___ Records to use

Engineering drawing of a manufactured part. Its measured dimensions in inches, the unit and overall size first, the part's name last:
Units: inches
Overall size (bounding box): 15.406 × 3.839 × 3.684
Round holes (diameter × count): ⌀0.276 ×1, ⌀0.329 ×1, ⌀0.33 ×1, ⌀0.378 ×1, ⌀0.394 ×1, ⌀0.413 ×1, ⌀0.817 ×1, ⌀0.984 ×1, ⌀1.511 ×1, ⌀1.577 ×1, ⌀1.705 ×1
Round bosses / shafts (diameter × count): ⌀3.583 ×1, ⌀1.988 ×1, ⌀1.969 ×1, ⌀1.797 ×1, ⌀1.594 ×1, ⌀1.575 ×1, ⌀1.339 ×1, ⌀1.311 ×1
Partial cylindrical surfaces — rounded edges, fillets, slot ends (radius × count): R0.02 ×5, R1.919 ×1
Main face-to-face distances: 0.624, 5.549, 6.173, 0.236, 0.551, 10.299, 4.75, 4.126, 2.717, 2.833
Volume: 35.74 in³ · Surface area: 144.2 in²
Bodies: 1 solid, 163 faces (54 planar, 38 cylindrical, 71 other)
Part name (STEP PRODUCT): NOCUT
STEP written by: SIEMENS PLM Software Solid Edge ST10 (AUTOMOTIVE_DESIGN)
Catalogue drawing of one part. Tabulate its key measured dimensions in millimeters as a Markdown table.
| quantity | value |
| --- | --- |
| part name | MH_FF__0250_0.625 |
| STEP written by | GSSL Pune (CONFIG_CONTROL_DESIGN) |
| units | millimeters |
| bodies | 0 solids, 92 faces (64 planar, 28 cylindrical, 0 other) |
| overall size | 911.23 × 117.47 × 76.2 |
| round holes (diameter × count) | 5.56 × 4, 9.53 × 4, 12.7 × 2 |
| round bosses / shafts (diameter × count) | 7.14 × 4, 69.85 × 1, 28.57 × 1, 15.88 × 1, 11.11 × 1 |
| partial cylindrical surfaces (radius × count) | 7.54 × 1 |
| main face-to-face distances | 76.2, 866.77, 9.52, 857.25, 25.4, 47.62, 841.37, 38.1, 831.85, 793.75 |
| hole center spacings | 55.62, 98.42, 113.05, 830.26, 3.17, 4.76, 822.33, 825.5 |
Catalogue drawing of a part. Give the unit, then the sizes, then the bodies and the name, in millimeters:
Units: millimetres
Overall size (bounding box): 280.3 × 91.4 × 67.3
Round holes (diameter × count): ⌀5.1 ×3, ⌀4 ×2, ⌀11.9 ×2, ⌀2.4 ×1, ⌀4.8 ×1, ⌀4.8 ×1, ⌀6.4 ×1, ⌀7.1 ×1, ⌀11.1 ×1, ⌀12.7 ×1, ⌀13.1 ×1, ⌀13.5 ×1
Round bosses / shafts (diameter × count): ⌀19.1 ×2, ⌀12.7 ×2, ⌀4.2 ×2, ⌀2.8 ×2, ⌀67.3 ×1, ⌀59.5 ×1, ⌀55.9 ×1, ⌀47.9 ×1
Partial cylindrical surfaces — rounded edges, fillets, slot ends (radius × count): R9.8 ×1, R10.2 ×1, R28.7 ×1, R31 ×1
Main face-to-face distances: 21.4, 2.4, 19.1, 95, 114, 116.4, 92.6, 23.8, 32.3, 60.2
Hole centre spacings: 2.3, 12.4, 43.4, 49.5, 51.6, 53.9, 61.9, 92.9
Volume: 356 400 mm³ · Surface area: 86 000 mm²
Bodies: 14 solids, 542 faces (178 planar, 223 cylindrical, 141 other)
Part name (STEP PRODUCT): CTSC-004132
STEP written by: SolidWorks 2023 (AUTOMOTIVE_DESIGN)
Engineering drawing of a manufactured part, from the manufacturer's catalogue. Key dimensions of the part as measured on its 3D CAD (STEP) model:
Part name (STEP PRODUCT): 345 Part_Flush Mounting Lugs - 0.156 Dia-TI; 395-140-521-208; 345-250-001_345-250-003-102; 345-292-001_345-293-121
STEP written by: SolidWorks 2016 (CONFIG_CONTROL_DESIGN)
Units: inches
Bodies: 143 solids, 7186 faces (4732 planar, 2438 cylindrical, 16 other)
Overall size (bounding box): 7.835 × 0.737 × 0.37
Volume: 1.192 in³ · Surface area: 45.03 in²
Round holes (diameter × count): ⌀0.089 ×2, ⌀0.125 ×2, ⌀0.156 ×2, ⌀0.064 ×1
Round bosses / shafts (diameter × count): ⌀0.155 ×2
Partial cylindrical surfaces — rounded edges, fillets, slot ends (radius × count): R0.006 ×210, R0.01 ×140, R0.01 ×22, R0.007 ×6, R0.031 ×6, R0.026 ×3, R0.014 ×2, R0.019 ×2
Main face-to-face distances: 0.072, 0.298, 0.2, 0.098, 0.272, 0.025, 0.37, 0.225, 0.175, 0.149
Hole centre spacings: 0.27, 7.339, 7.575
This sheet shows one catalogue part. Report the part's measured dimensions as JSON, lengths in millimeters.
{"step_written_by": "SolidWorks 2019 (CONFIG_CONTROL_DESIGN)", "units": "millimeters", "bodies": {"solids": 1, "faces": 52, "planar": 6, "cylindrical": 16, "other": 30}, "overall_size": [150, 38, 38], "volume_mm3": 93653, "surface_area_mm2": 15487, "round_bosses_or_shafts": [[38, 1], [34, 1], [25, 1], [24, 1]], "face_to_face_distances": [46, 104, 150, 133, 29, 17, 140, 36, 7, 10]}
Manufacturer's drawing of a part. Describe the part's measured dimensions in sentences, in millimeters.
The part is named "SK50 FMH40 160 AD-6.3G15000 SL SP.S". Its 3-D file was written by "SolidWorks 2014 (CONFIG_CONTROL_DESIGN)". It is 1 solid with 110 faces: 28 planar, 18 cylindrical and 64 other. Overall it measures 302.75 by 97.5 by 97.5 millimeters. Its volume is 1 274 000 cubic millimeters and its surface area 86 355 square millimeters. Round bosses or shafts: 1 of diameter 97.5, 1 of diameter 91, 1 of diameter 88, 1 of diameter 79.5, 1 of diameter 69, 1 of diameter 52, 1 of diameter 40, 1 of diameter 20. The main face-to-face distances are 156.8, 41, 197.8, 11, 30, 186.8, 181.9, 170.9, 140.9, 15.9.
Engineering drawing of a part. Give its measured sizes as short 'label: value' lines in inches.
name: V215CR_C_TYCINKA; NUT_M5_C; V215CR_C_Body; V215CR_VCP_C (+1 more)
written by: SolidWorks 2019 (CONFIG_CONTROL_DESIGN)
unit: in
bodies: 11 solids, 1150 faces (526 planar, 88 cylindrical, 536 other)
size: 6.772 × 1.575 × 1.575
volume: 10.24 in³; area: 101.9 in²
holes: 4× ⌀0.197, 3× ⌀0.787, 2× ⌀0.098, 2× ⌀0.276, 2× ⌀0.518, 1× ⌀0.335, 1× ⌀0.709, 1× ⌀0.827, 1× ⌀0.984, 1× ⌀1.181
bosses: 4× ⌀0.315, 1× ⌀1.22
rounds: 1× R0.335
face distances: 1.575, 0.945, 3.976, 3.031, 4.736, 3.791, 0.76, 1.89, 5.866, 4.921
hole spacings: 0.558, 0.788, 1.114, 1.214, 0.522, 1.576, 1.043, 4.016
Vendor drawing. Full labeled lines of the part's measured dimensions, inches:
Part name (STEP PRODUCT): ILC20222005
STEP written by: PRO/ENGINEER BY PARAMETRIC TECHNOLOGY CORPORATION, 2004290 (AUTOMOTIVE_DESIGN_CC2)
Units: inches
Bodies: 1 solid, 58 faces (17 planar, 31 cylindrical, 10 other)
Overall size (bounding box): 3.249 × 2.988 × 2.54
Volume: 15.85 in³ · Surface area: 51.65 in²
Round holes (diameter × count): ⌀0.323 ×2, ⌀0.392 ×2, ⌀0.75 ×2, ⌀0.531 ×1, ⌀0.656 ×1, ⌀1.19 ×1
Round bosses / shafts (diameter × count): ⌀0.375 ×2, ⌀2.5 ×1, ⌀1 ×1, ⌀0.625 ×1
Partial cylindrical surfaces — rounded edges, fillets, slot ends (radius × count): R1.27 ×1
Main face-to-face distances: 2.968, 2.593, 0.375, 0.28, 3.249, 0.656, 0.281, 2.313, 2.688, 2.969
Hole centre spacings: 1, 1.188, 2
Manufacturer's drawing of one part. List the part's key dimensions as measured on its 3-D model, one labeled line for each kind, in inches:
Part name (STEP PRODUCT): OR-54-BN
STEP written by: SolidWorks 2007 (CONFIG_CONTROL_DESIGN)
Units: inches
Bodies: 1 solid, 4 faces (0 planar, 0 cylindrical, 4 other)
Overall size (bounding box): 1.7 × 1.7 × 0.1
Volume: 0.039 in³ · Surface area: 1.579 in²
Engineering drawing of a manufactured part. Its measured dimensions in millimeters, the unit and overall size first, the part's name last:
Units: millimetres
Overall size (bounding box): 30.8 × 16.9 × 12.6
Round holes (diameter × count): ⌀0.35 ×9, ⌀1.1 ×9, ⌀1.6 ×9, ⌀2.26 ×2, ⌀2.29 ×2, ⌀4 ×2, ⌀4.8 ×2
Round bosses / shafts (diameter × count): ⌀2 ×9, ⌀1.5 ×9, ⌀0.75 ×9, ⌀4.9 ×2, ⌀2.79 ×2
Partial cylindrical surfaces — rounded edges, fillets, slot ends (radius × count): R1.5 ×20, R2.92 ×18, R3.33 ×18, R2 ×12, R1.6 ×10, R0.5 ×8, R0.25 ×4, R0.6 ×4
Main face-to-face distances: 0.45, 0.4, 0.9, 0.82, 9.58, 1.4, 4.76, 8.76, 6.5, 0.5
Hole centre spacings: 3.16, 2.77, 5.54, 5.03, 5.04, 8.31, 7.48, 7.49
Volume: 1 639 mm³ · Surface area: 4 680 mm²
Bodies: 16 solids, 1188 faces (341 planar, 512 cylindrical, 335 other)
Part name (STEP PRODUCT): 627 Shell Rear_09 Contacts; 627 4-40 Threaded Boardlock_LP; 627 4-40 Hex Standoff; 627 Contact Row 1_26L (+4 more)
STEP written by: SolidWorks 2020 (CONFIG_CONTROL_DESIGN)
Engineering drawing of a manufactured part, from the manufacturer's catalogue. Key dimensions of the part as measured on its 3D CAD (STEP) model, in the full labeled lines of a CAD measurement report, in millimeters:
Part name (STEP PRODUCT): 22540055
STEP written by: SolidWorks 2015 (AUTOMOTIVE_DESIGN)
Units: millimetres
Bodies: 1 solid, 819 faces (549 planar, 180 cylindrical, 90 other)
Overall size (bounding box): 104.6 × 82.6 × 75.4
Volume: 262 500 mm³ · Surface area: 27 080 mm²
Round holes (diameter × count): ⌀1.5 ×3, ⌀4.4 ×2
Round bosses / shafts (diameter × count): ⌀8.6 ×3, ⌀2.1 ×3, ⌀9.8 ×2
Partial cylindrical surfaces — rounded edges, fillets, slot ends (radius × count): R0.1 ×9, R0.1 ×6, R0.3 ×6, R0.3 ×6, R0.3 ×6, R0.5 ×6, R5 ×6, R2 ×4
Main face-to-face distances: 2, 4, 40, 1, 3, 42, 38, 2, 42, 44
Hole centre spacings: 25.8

______

__Task brief__
The lines to show are those in the data above that include "spacings".

__Task response__
| hole center spacings | 55.62, 98.42, 113.05, 830.26, 3.17, 4.76, 822.33, 825.5 |
Hole centre spacings: 2.3, 12.4, 43.4, 49.5, 51.6, 53.9, 61.9, 92.9
Hole centre spacings: 0.27, 7.339, 7.575
hole spacings: 0.558, 0.788, 1.114, 1.214, 0.522, 1.576, 1.043, 4.016
Hole centre spacings: 1, 1.188, 2
Hole centre spacings: 3.16, 2.77, 5.54, 5.03, 5.04, 8.31, 7.48, 7.49
Hole centre spacings: 25.8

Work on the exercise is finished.